**Prompt**
Word for word, retype the records below.

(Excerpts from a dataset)
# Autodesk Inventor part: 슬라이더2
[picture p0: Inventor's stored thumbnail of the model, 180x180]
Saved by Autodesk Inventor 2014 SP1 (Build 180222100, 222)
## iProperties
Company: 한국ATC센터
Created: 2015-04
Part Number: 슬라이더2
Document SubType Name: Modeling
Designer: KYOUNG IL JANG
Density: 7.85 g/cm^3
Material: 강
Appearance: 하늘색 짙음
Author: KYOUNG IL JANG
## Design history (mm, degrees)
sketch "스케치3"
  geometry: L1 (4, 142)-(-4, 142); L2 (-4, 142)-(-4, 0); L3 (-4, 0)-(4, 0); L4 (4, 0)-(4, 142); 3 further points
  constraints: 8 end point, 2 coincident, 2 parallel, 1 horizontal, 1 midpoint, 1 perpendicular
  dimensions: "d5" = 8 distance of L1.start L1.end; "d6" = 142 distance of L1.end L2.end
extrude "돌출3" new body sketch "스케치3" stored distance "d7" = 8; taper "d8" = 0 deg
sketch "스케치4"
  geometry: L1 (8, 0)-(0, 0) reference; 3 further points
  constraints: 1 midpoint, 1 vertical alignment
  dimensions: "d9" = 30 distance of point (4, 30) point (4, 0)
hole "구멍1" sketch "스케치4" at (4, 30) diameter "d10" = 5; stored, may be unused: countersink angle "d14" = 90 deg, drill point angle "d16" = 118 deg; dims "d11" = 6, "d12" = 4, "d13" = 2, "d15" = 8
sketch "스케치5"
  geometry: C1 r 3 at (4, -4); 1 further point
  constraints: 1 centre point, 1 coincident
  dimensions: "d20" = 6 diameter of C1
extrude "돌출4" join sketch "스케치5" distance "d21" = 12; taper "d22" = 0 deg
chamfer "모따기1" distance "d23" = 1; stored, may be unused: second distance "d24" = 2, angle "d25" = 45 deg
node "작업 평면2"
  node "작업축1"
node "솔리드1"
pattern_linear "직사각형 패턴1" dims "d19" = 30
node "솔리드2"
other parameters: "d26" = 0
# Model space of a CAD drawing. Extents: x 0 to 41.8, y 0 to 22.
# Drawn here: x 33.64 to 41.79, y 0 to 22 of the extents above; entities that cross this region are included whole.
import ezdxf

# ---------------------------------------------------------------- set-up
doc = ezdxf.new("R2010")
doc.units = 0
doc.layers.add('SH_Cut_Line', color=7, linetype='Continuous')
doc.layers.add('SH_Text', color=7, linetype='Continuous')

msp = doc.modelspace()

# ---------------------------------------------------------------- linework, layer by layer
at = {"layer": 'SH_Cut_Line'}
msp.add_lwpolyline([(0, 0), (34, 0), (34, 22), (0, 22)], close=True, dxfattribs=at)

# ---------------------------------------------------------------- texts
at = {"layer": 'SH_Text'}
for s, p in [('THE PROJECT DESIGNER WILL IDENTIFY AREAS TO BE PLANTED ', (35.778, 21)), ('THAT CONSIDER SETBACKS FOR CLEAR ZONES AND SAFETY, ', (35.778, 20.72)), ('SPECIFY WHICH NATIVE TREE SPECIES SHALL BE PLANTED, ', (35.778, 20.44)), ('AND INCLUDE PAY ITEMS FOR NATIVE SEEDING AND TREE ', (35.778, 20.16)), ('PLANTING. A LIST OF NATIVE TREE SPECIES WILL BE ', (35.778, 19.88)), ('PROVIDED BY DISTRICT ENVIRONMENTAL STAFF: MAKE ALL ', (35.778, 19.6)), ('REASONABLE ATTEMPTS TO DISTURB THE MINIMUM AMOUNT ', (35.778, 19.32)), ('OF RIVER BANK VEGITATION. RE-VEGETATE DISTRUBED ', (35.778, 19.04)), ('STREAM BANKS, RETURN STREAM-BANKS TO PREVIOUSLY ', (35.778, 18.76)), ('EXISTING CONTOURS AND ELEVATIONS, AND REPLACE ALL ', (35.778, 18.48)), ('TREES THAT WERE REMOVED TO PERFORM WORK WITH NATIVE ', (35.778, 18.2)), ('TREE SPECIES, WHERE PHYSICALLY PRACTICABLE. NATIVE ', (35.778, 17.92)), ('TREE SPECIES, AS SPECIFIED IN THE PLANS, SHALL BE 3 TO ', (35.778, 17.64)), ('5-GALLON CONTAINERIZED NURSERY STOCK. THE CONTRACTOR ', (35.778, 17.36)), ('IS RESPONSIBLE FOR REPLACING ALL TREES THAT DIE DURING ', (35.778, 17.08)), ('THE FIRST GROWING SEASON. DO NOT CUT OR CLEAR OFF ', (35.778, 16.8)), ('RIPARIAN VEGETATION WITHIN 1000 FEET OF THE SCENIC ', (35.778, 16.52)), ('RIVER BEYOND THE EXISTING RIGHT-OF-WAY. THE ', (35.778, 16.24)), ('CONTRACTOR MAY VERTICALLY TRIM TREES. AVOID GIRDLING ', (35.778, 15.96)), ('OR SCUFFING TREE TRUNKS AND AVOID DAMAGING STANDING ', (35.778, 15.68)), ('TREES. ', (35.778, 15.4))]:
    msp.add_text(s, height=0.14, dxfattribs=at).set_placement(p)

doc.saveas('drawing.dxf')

**Answer below**
# Autodesk Inventor part: 슬라이더2
[picture p0: Inventor's stored thumbnail of the model, 180x180]
Saved by Autodesk Inventor 2014 SP1 (Build 180222100, 222)
## iProperties
Company: 한국ATC센터
Created: 2015-04
Part Number: 슬라이더2
Document SubType Name: Modeling
Designer: KYOUNG IL JANG
Density: 7.85 g/cm^3
Material: 강
Appearance: 하늘색 짙음
Author: KYOUNG IL JANG
## Design history (mm, degrees)
sketch "스케치3"
  geometry: L1 (4, 142)-(-4, 142); L2 (-4, 142)-(-4, 0); L3 (-4, 0)-(4, 0); L4 (4, 0)-(4, 142); 3 further points
  constraints: 8 end point, 2 coincident, 2 parallel, 1 horizontal, 1 midpoint, 1 perpendicular
  dimensions: "d5" = 8 distance of L1.start L1.end; "d6" = 142 distance of L1.end L2.end
extrude "돌출3" new body sketch "스케치3" stored distance "d7" = 8; taper "d8" = 0 deg
sketch "스케치4"
  geometry: L1 (8, 0)-(0, 0) reference; 3 further points
  constraints: 1 midpoint, 1 vertical alignment
  dimensions: "d9" = 30 distance of point (4, 30) point (4, 0)
hole "구멍1" sketch "스케치4" at (4, 30) diameter "d10" = 5; stored, may be unused: countersink angle "d14" = 90 deg, drill point angle "d16" = 118 deg; dims "d11" = 6, "d12" = 4, "d13" = 2, "d15" = 8
sketch "스케치5"
  geometry: C1 r 3 at (4, -4); 1 further point
  constraints: 1 centre point, 1 coincident
  dimensions: "d20" = 6 diameter of C1
extrude "돌출4" join sketch "스케치5" distance "d21" = 12; taper "d22" = 0 deg
chamfer "모따기1" distance "d23" = 1; stored, may be unused: second distance "d24" = 2, angle "d25" = 45 deg
node "작업 평면2"
  node "작업축1"
node "솔리드1"
pattern_linear "직사각형 패턴1" dims "d19" = 30
node "솔리드2"
other parameters: "d26" = 0
# Model space of a CAD drawing. Extents: x 0 to 41.8, y 0 to 22.
# Drawn here: x 33.64 to 41.79, y 0 to 22 of the extents above; entities that cross this region are included whole.
import ezdxf

# ---------------------------------------------------------------- set-up
doc = ezdxf.new("R2010")
doc.units = 0
doc.layers.add('SH_Cut_Line', color=7, linetype='Continuous')
doc.layers.add('SH_Text', color=7, linetype='Continuous')

msp = doc.modelspace()

# ---------------------------------------------------------------- linework, layer by layer
at = {"layer": 'SH_Cut_Line'}
msp.add_lwpolyline([(0, 0), (34, 0), (34, 22), (0, 22)], close=True, dxfattribs=at)

# ---------------------------------------------------------------- texts
at = {"layer": 'SH_Text'}
for s, p in [('THE PROJECT DESIGNER WILL IDENTIFY AREAS TO BE PLANTED ', (35.778, 21)), ('THAT CONSIDER SETBACKS FOR CLEAR ZONES AND SAFETY, ', (35.778, 20.72)), ('SPECIFY WHICH NATIVE TREE SPECIES SHALL BE PLANTED, ', (35.778, 20.44)), ('AND INCLUDE PAY ITEMS FOR NATIVE SEEDING AND TREE ', (35.778, 20.16)), ('PLANTING. A LIST OF NATIVE TREE SPECIES WILL BE ', (35.778, 19.88)), ('PROVIDED BY DISTRICT ENVIRONMENTAL STAFF: MAKE ALL ', (35.778, 19.6)), ('REASONABLE ATTEMPTS TO DISTURB THE MINIMUM AMOUNT ', (35.778, 19.32)), ('OF RIVER BANK VEGITATION. RE-VEGETATE DISTRUBED ', (35.778, 19.04)), ('STREAM BANKS, RETURN STREAM-BANKS TO PREVIOUSLY ', (35.778, 18.76)), ('EXISTING CONTOURS AND ELEVATIONS, AND REPLACE ALL ', (35.778, 18.48)), ('TREES THAT WERE REMOVED TO PERFORM WORK WITH NATIVE ', (35.778, 18.2)), ('TREE SPECIES, WHERE PHYSICALLY PRACTICABLE. NATIVE ', (35.778, 17.92)), ('TREE SPECIES, AS SPECIFIED IN THE PLANS, SHALL BE 3 TO ', (35.778, 17.64)), ('5-GALLON CONTAINERIZED NURSERY STOCK. THE CONTRACTOR ', (35.778, 17.36)), ('IS RESPONSIBLE FOR REPLACING ALL TREES THAT DIE DURING ', (35.778, 17.08)), ('THE FIRST GROWING SEASON. DO NOT CUT OR CLEAR OFF ', (35.778, 16.8)), ('RIPARIAN VEGETATION WITHIN 1000 FEET OF THE SCENIC ', (35.778, 16.52)), ('RIVER BEYOND THE EXISTING RIGHT-OF-WAY. THE ', (35.778, 16.24)), ('CONTRACTOR MAY VERTICALLY TRIM TREES. AVOID GIRDLING ', (35.778, 15.96)), ('OR SCUFFING TREE TRUNKS AND AVOID DAMAGING STANDING ', (35.778, 15.68)), ('TREES. ', (35.778, 15.4))]:
    msp.add_text(s, height=0.14, dxfattribs=at).set_placement(p)

doc.saveas('drawing.dxf')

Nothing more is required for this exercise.